Prep Football

Cedar Rapids Kennedy's 'dudes' fuel fast, furious defense

Cougars lead Class 4A in tackles for loss and sacks, face 6-time state champion West Des Moines Dowling state semifinal

Cedar Rapids Kennedy's Cade Parker (35) and Nolan Jacobs (55) stop Cedar Rapids Jefferson's Jacob Thompson (24) in their prep football game at Kingston Stadium in Cedar Rapids on Friday, Aug. 30, 2019. (Liz Martin/The Gazette)
Cedar Rapids Kennedy's Cade Parker (35) and Nolan Jacobs (55) stop Cedar Rapids Jefferson's Jacob Thompson (24) in their prep football game at Kingston Stadium in Cedar Rapids on Friday, Aug. 30, 2019. (Liz Martin/The Gazette)

CEDAR RAPIDS — Fast, fun and the furious.

No, we aren’t talking about the next action-movie sequel with Vin Diesel.
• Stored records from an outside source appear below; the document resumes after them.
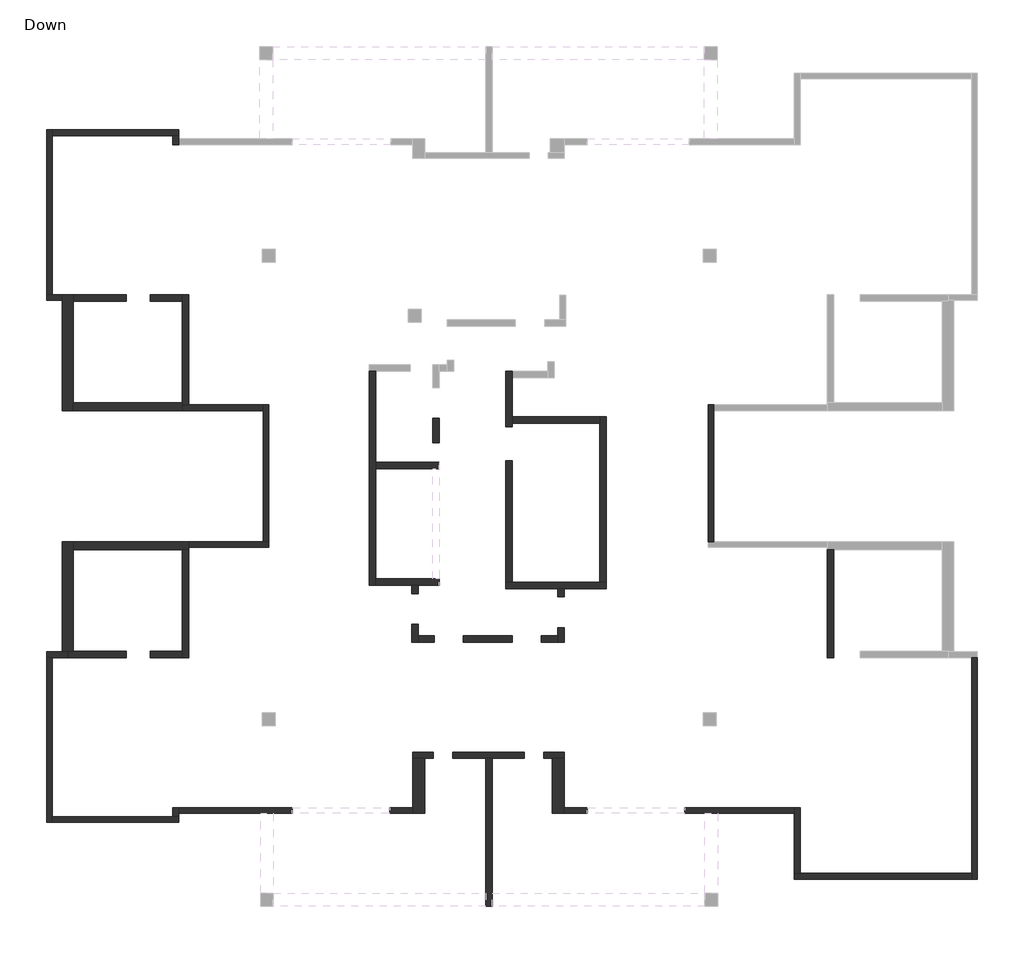
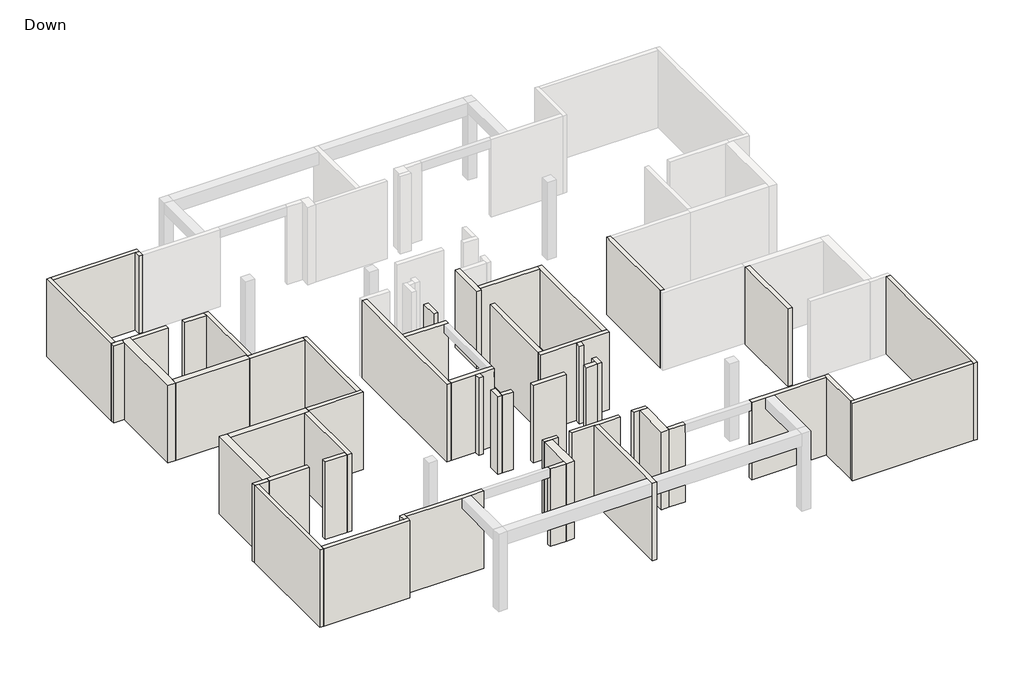
# One storey, part 1 of 2: 52 walls.
# Revit data of these elements (continued)
# Element 23 (IfcWall, "20") (continued)
#   SOFiSTiK_AMG_Scheduled = yes
#   SOFiSTiK_AMG_Adjusted = yes
#   Phase Created = New Construction
#   Base Constraint = Down
#   Top Constraint = Typical Floor
#   Materials on its faces: "Concrete"
# Element 24 (IfcWall, "20")
#   Comments = ""
#   Mark = "W41"
#   SOFiSTiK_EdgeZones = "W43"
#   SOFiSTiK_AMG_Comments = ""
#   Top Offset = 0 cm
#   Base Offset = 0 cm
#   wall height = 370 cm
#   SOFiSTiK_AMG_Scheduled = yes
#   SOFiSTiK_AMG_Adjusted = yes
#   Phase Created = New Construction
#   Base Constraint = Down
#   Top Constraint = Typical Floor
#   Materials on its faces: "Concrete"
# Element 25 (IfcWall, "20")
#   Comments = ""
#   Mark = "W42"
#   SOFiSTiK_EdgeZones = "W44"
#   SOFiSTiK_AMG_Comments = ""
#   Top Offset = 0 cm
#   Base Offset = 0 cm
#   wall height = 370 cm
#   SOFiSTiK_AMG_Scheduled = yes
#   SOFiSTiK_AMG_Adjusted = yes
#   Phase Created = New Construction
#   Base Constraint = Down
#   Top Constraint = Typical Floor
#   Materials on its faces: "Concrete"
# Element 26 (IfcWall, "20")
#   Comments = ""
#   Mark = "W43"
#   SOFiSTiK_EdgeZones = "W45"
#   SOFiSTiK_AMG_Comments = ""
#   Top Offset = 0 cm
#   Base Offset = 0 cm
#   wall height = 370 cm
#   SOFiSTiK_AMG_Scheduled = yes
#   SOFiSTiK_AMG_Adjusted = yes
#   Phase Created = New Construction
#   Base Constraint = Down
#   Top Constraint = Typical Floor
#   Materials on its faces: "Concrete"
# Element 27 (IfcWall, "20")
#   Comments = ""
#   Mark = "W45"
#   SOFiSTiK_EdgeZones = "W47"
#   SOFiSTiK_AMG_Comments = ""
#   Top Offset = 0 cm
#   Base Offset = 0 cm
#   wall height = 370 cm
#   SOFiSTiK_AMG_Scheduled = yes
#   SOFiSTiK_AMG_Adjusted = yes
#   Phase Created = New Construction
#   Base Constraint = Down
#   Top Constraint = Typical Floor
#   Materials on its faces: "Concrete"
# Element 28 (IfcWall, "20")
#   Comments = ""
#   Mark = "W46"
#   SOFiSTiK_EdgeZones = "W48"
#   SOFiSTiK_AMG_Comments = ""
#   Top Offset = 0 cm
#   Base Offset = 0 cm
#   wall height = 370 cm
#   SOFiSTiK_AMG_Scheduled = yes
#   SOFiSTiK_AMG_Adjusted = yes
#   Phase Created = New Construction
#   Base Constraint = Down
#   Top Constraint = Typical Floor
#   Materials on its faces: "Concrete"
# Element 29 (IfcWall, "20")
#   Comments = ""
#   Mark = "W47"
#   SOFiSTiK_EdgeZones = "W49"
#   SOFiSTiK_AMG_Comments = ""
#   Top Offset = 0 cm
#   Base Offset = 0 cm
#   wall height = 370 cm
#   SOFiSTiK_AMG_Scheduled = yes
#   SOFiSTiK_AMG_Adjusted = yes
#   Phase Created = New Construction
#   Base Constraint = Down
#   Top Constraint = Typical Floor
#   Materials on its faces: "Concrete"
# Element 30 (IfcWall, "20")
#   Comments = ""
#   Mark = "W48"
#   SOFiSTiK_EdgeZones = "W50"
#   SOFiSTiK_AMG_Comments = ""
#   Top Offset = 0 cm
#   Base Offset = 0 cm
#   wall height = 370 cm
#   SOFiSTiK_AMG_Scheduled = yes
#   SOFiSTiK_AMG_Adjusted = yes
#   Phase Created = New Construction
#   Base Constraint = Down
#   Top Constraint = Typical Floor
#   Materials on its faces: "Concrete"
# Element 31 (IfcWall, "20")
#   Comments = ""
#   Mark = "W52"
#   SOFiSTiK_EdgeZones = "W54"
#   SOFiSTiK_AMG_Comments = ""
#   Top Offset = 0 cm
#   Base Offset = 0 cm
#   wall height = 370 cm
#   SOFiSTiK_AMG_Scheduled = yes
#   SOFiSTiK_AMG_Adjusted = yes
#   Phase Created = New Construction
#   Base Constraint = Down
#   Top Constraint = Typical Floor
#   Materials on its faces: "Concrete"
# Element 32 (IfcWall, "20")
#   Comments = ""
#   Mark = "W53"
#   SOFiSTiK_EdgeZones = "W55"
#   SOFiSTiK_AMG_Comments = ""
#   Top Offset = 0 cm
#   Base Offset = 0 cm
#   wall height = 370 cm
#   SOFiSTiK_AMG_Scheduled = yes
#   SOFiSTiK_AMG_Adjusted = yes
#   Phase Created = New Construction
#   Base Constraint = Down
#   Top Constraint = Typical Floor
#   Materials on its faces: "Concrete"
# Element 33 (IfcWall, "20")
#   Comments = ""
#   Mark = "W54"
#   SOFiSTiK_EdgeZones = "W56"
#   SOFiSTiK_AMG_Comments = ""
#   Top Offset = 0 cm
#   Base Offset = 0 cm
#   wall height = 370 cm
#   SOFiSTiK_AMG_Scheduled = yes
#   SOFiSTiK_AMG_Adjusted = yes
#   Phase Created = New Construction
#   Base Constraint = Down
#   Top Constraint = Typical Floor
#   Materials on its faces: "Concrete"
# Element 34 (IfcWall, "20")
#   Comments = ""
#   Mark = "W55"
#   SOFiSTiK_EdgeZones = "W57"
#   SOFiSTiK_AMG_Comments = ""
#   Top Offset = 0 cm
#   Base Offset = 0 cm
#   wall height = 370 cm
#   SOFiSTiK_AMG_Scheduled = yes
#   SOFiSTiK_AMG_Adjusted = yes
#   Phase Created = New Construction
#   Base Constraint = Down
#   Top Constraint = Typical Floor
#   Materials on its faces: "Concrete"
# Element 35 (IfcWall, "20")
#   Comments = ""
#   Mark = "W56"
#   SOFiSTiK_EdgeZones = "W58"
#   SOFiSTiK_AMG_Comments = ""
#   Top Offset = 0 cm
#   Base Offset = 0 cm
#   wall height = 370 cm
#   SOFiSTiK_AMG_Scheduled = yes
#   SOFiSTiK_AMG_Adjusted = yes
#   Phase Created = New Construction
#   Base Constraint = Down
#   Top Constraint = Typical Floor
#   Materials on its faces: "Concrete"
# Element 36 (IfcWall, "20")
#   Comments = ""
#   Mark = "W57"
#   SOFiSTiK_EdgeZones = "W59"
#   SOFiSTiK_AMG_Comments = ""
#   Top Offset = 0 cm
#   Base Offset = 0 cm
#   wall height = 370 cm
#   SOFiSTiK_AMG_Scheduled = yes
#   SOFiSTiK_AMG_Adjusted = yes
#   Phase Created = New Construction
#   Base Constraint = Down
#   Top Constraint = Typical Floor
#   Materials on its faces: "Concrete"
# Element 37 (IfcWall, "20")
#   Comments = ""
#   Mark = "W58"
#   SOFiSTiK_EdgeZones = "W60"
#   SOFiSTiK_AMG_Comments = ""
#   Top Offset = 0 cm
#   Base Offset = 0 cm
#   wall height = 370 cm
#   SOFiSTiK_AMG_Scheduled = yes
#   SOFiSTiK_AMG_Adjusted = yes
#   Phase Created = New Construction
#   Base Constraint = Down
#   Top Constraint = Typical Floor
#   Materials on its faces: "Concrete"
# Element 38 (IfcWall, "20")
#   Comments = ""
#   Mark = "W59"
#   SOFiSTiK_EdgeZones = "W61"
#   SOFiSTiK_AMG_Comments = ""
#   Top Offset = 0 cm
#   Base Offset = 0 cm
#   wall height = 370 cm
#   SOFiSTiK_AMG_Scheduled = yes
#   SOFiSTiK_AMG_Adjusted = yes
#   Phase Created = New Construction
#   Base Constraint = Down
#   Top Constraint = Typical Floor
#   Materials on its faces: "Concrete"
# Element 39 (IfcWall, "20")
#   Comments = ""
#   Mark = "W60"
#   SOFiSTiK_EdgeZones = "W62"
#   SOFiSTiK_AMG_Comments = ""
#   Top Offset = 0 cm
#   Base Offset = 0 cm
#   wall height = 370 cm
#   SOFiSTiK_AMG_Scheduled = yes
#   SOFiSTiK_AMG_Adjusted = yes
#   Phase Created = New Construction
#   Base Constraint = Down
#   Top Constraint = Typical Floor
#   Materials on its faces: "Concrete"
# Element 40 (IfcWall, "20")
#   Comments = ""
#   Mark = "W61"
#   SOFiSTiK_EdgeZones = "W63"
#   SOFiSTiK_AMG_Comments = ""
#   Top Offset = 0 cm
#   Base Offset = 0 cm
#   wall height = 370 cm
#   SOFiSTiK_AMG_Scheduled = yes
#   SOFiSTiK_AMG_Adjusted = yes
#   Phase Created = New Construction
#   Base Constraint = Down
#   Top Constraint = Typical Floor
#   Materials on its faces: "Concrete"
# Element 41 (IfcWall, "20")
#   Comments = ""
#   Mark = "W62"
#   SOFiSTiK_EdgeZones = "W64"
#   SOFiSTiK_AMG_Comments = ""
#   Top Offset = 0 cm
#   Base Offset = 0 cm
#   wall height = 370 cm
#   SOFiSTiK_AMG_Scheduled = yes
#   SOFiSTiK_AMG_Adjusted = yes
#   Phase Created = New Construction
#   Base Constraint = Down
#   Top Constraint = Typical Floor
#   Materials on its faces: "Concrete"
# Element 42 (IfcWall, "20")
#   Comments = ""
#   Mark = "W63"
#   SOFiSTiK_EdgeZones = "W65"
#   SOFiSTiK_AMG_Comments = ""
#   Top Offset = 0 cm
#   Base Offset = 0 cm
#   wall height = 370 cm
#   SOFiSTiK_AMG_Scheduled = yes
#   SOFiSTiK_AMG_Adjusted = yes
#   Phase Created = New Construction
#   Base Constraint = Down
#   Top Constraint = Typical Floor
#   Materials on its faces: "Concrete"
# Element 43 (IfcWall, "20")
#   Comments = ""
#   Mark = "W71"
#   SOFiSTiK_EdgeZones = "W73"
#   SOFiSTiK_AMG_Comments = ""
#   Top Offset = 0 cm
#   Base Offset = 0 cm
#   wall height = 370 cm
#   SOFiSTiK_AMG_Scheduled = yes
#   SOFiSTiK_AMG_Adjusted = yes
#   Phase Created = New Construction
#   Base Constraint = Down
#   Top Constraint = Typical Floor
#   Materials on its faces: "Concrete"
# Element 44 (IfcWall, "20")
#   Comments = ""
#   Mark = "W73"
#   SOFiSTiK_EdgeZones = "W75"
#   SOFiSTiK_AMG_Comments = ""
#   Top Offset = 0 cm
#   Base Offset = 0 cm
#   wall height = 370 cm
#   SOFiSTiK_AMG_Scheduled = yes
#   SOFiSTiK_AMG_Adjusted = yes
#   Phase Created = New Construction
#   Base Constraint = Down
#   Top Constraint = Typical Floor
#   Materials on its faces: "Concrete"
# Element 45 (IfcWall, "20")
#   Comments = ""
#   Mark = "W74"
#   SOFiSTiK_EdgeZones = "W76"
#   SOFiSTiK_AMG_Comments = ""
#   Top Offset = 0 cm
#   Base Offset = 0 cm
#   wall height = 370 cm
#   SOFiSTiK_AMG_Scheduled = yes
#   SOFiSTiK_AMG_Adjusted = yes
#   Phase Created = New Construction
#   Base Constraint = Down
#   Top Constraint = Typical Floor
#   Materials on its faces: "Concrete"
# Element 46 (IfcWall, "20")
#   Comments = ""
#   Mark = "W75"
#   SOFiSTiK_EdgeZones = "W77"
#   SOFiSTiK_AMG_Comments = ""
#   Top Offset = 0 cm
#   Base Offset = 0 cm
#   wall height = 370 cm
#   SOFiSTiK_AMG_Scheduled = yes
#   SOFiSTiK_AMG_Adjusted = yes
#   Phase Created = New Construction
#   Base Constraint = Down
#   Top Constraint = Typical Floor
#   Materials on its faces: "Concrete"
# Element 47 (IfcWall, "25")
#   Comments = ""
#   Mark = "W80"
#   SOFiSTiK_EdgeZones = "W82"
#   SOFiSTiK_AMG_Comments = ""
#   Top Offset = 0 cm
#   Base Offset = 0 cm
#   wall height = 370 cm
#   SOFiSTiK_AMG_Scheduled = yes
#   SOFiSTiK_AMG_Adjusted = yes
#   Phase Created = New Construction
#   Base Constraint = Down
#   Top Constraint = Typical Floor
#   Materials on its faces: "Concrete"
# Element 48 (IfcWall, "25")
#   Comments = ""
#   Mark = "W82"
#   SOFiSTiK_EdgeZones = "W84"
#   SOFiSTiK_AMG_Comments = ""
#   Top Offset = 0 cm
#   Base Offset = 0 cm
#   wall height = 370 cm
#   SOFiSTiK_AMG_Scheduled = yes
#   SOFiSTiK_AMG_Adjusted = yes
#   Phase Created = New Construction
#   Base Constraint = Down
#   Top Constraint = Typical Floor
#   Materials on its faces: "Concrete"
# Element 49 (IfcWall, "35")
#   Comments = ""
#   Mark = "W76"
#   SOFiSTiK_EdgeZones = "W78"
#   SOFiSTiK_AMG_Comments = ""
#   Top Offset = 0 cm
#   Base Offset = 0 cm
#   wall height = 370 cm
#   SOFiSTiK_AMG_Scheduled = yes
#   SOFiSTiK_AMG_Adjusted = yes
#   Phase Created = New Construction
#   Base Constraint = Down
#   Top Constraint = Typical Floor
#   Materials on its faces: "Concrete"
# Element 50 (IfcWall, "35")
#   Comments = ""
#   Mark = "W78"
#   SOFiSTiK_EdgeZones = "W80"
#   SOFiSTiK_AMG_Comments = ""
#   Top Offset = 0 cm
#   Base Offset = 0 cm
#   wall height = 370 cm
#   SOFiSTiK_AMG_Scheduled = yes
#   SOFiSTiK_AMG_Adjusted = yes
#   Phase Created = New Construction
#   Base Constraint = Down
#   Top Constraint = Typical Floor
#   Materials on its faces: "Concrete"
# Element 51 (IfcWall, "36")
#   Comments = ""
#   Mark = "W37"
#   SOFiSTiK_EdgeZones = "W39"
#   SOFiSTiK_AMG_Comments = ""
#   Top Offset = 0 cm
#   Base Offset = 0 cm
#   wall height = 370 cm
#   SOFiSTiK_AMG_Scheduled = yes
#   SOFiSTiK_AMG_Adjusted = yes
#   Phase Created = New Construction
#   Base Constraint = Down
#   Top Constraint = Typical Floor
#   Materials on its faces: "Concrete"
# Element 52 (IfcWall, "36")
#   Comments = ""
#   Mark = "W38"
#   SOFiSTiK_EdgeZones = "W40"
#   SOFiSTiK_AMG_Comments = ""
#   Top Offset = 0 cm
#   Base Offset = 0 cm
#   wall height = 370 cm
#   SOFiSTiK_AMG_Scheduled = yes
#   SOFiSTiK_AMG_Adjusted = yes
#   Phase Created = New Construction
#   Base Constraint = Down
#   Top Constraint = Typical Floor
#   Materials on its faces: "Concrete"
# Materials
#   "Concrete": class "Concrete", colour RGB 192 192 192, transparency 0, Keynote = "01000", Description = "Cast-in-place concrete", Cost = 0

This is more about a relentless defensive scheme that produces plenty of collisions and explosiveness. This is the brand Cedar Rapids Kennedy prefers and has displayed to wreak havoc on opponents.

“It’s a style of defense the kids like to play,” Kennedy Coach Brian White said. “They like to be aggressive and blitz.”

The fifth-ranked Cougars’ defense will attempt to slow down perennial power West Des Moines Dowling in a Class 4A state football semifinal game at the UNI-Dome in Cedar Falls, beginning at 7 p.m.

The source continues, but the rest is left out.